TLG will am 24. Oktober an die Frankfurter Börse gehen. Die Zeichnungsfrist für die Aktie des Gewerbeimmobilienunternehmens beginnt heute und endet voraussichtlich am 23.Oktober,  wie TLG mitteilte. Die Preisspanne der angebotenen Aktien beträgt dabei zwischen 10,75 und 13,75 EUR. Somit würde bei einem Mittelwert der Preisspanne das Gesamtemissionsvolumen bei 410 Mio. EUR und bei vollständiger Ausübung der Greenshoe-Option bei 451 Mio.EUR liegen.

Die Emissionserlöse aus einer Kapitalerhöhung im Zuge des IPOs in Höhe von mindestens 100 Mio. EUR will das Unternehmen für die Finanzierung von Zukäufen zur Erweiterung des Büro- und Einzelhandelsportfolios in den Kernregionen sowie für Investitionen in das Kernportfolio des Unternehmens nutzen.

Das Angebot besteht aus 36,85 Mio. TLG-Aktien, davon rund 9,3 Mio. neue Inhaberaktien aus einer Kapitalerhöhung, knapp 24,2 Mio. Inhaberaktien aus dem Bestand der abgebenden Aktionäre und 3,35 Mio. Inhaberaktien aus dem Bestand von East AcquiCo im Rahmen einer möglichen Mehrzuteilung.

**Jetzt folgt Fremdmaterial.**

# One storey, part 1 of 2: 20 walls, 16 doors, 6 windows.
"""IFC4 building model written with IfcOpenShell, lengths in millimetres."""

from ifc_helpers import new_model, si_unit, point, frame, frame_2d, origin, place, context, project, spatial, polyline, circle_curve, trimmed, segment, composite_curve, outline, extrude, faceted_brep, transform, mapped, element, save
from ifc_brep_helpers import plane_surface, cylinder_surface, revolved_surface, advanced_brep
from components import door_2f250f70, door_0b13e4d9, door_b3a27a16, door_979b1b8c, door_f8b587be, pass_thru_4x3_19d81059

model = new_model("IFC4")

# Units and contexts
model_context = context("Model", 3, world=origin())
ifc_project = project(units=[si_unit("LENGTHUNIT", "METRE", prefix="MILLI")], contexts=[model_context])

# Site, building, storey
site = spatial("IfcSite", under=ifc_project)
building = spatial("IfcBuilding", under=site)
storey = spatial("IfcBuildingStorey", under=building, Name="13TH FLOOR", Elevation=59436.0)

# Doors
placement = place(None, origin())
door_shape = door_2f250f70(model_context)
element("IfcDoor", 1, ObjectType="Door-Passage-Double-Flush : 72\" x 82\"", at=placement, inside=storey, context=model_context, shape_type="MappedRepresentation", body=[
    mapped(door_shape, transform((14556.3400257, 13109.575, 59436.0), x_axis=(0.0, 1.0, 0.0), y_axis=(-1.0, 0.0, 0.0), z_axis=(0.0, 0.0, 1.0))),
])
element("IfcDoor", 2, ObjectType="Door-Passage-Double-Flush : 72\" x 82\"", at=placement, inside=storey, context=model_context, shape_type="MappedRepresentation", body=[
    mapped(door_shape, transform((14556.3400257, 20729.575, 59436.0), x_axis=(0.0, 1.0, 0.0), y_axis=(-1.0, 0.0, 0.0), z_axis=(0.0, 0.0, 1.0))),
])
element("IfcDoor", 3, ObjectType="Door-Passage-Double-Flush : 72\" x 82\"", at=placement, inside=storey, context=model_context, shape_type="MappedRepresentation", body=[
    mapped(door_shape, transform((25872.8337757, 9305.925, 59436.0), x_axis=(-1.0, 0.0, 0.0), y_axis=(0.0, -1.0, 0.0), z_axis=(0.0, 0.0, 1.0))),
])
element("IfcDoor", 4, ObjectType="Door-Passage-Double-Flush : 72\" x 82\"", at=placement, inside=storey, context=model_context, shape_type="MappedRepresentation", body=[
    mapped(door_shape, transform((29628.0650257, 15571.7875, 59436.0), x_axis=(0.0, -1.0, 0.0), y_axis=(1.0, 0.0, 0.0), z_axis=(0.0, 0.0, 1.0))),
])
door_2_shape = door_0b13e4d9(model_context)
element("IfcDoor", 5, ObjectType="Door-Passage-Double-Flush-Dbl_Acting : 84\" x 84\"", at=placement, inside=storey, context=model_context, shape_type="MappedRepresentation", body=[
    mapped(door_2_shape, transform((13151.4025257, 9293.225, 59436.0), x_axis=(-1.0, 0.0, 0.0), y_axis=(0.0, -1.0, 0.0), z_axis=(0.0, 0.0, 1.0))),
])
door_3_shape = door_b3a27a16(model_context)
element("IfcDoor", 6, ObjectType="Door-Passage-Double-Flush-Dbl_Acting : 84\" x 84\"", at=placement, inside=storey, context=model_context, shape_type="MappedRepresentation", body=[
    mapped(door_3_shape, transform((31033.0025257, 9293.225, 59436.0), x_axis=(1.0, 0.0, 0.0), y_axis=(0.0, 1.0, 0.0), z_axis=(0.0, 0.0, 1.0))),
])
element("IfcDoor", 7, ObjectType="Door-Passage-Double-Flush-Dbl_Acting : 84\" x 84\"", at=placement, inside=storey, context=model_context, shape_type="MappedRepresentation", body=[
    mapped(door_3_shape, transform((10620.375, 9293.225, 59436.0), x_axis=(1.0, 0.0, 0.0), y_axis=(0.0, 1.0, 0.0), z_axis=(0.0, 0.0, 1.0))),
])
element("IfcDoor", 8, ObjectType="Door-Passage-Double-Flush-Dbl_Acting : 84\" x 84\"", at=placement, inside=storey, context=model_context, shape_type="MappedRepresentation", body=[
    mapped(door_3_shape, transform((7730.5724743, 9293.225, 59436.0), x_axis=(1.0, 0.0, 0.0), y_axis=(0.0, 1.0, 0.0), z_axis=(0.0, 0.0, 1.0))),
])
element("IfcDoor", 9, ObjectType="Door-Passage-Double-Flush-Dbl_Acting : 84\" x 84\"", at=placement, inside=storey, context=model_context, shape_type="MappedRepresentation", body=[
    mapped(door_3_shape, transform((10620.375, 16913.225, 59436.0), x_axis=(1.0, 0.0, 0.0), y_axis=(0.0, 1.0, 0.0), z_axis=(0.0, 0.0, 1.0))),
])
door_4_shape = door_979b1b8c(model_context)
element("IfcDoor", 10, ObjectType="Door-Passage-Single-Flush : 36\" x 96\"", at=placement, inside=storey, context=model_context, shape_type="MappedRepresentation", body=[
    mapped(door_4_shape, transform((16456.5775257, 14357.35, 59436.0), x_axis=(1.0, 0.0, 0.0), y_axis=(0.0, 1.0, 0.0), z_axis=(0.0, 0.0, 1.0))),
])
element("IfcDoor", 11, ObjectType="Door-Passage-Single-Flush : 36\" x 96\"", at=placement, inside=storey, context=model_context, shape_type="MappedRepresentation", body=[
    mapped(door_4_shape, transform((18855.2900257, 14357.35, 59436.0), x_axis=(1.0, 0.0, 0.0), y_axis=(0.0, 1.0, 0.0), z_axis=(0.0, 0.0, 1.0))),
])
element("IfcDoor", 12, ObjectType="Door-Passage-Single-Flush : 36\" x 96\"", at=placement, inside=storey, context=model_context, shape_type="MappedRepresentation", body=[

Für den Fall einer Überzeichnung hat der abgebende Aktionär East AcquiCo auch den Konsortialbanken die Option eingeräumt, eine entsprechende Anzahl Aktien zum Angebotspreis zu kaufen. East AcquiCo hat sich außerdem zu einer Lock-Up-Frist von sechs Monaten verpflichtet.

Die begleitenden Banken bei der Emission sind J.P. Morgan und UBS  als Joint Global Coordinators und Joint Bookrunners, sowie Kempen & Co, Commerzbank und HSBC als Joint Bookrunners.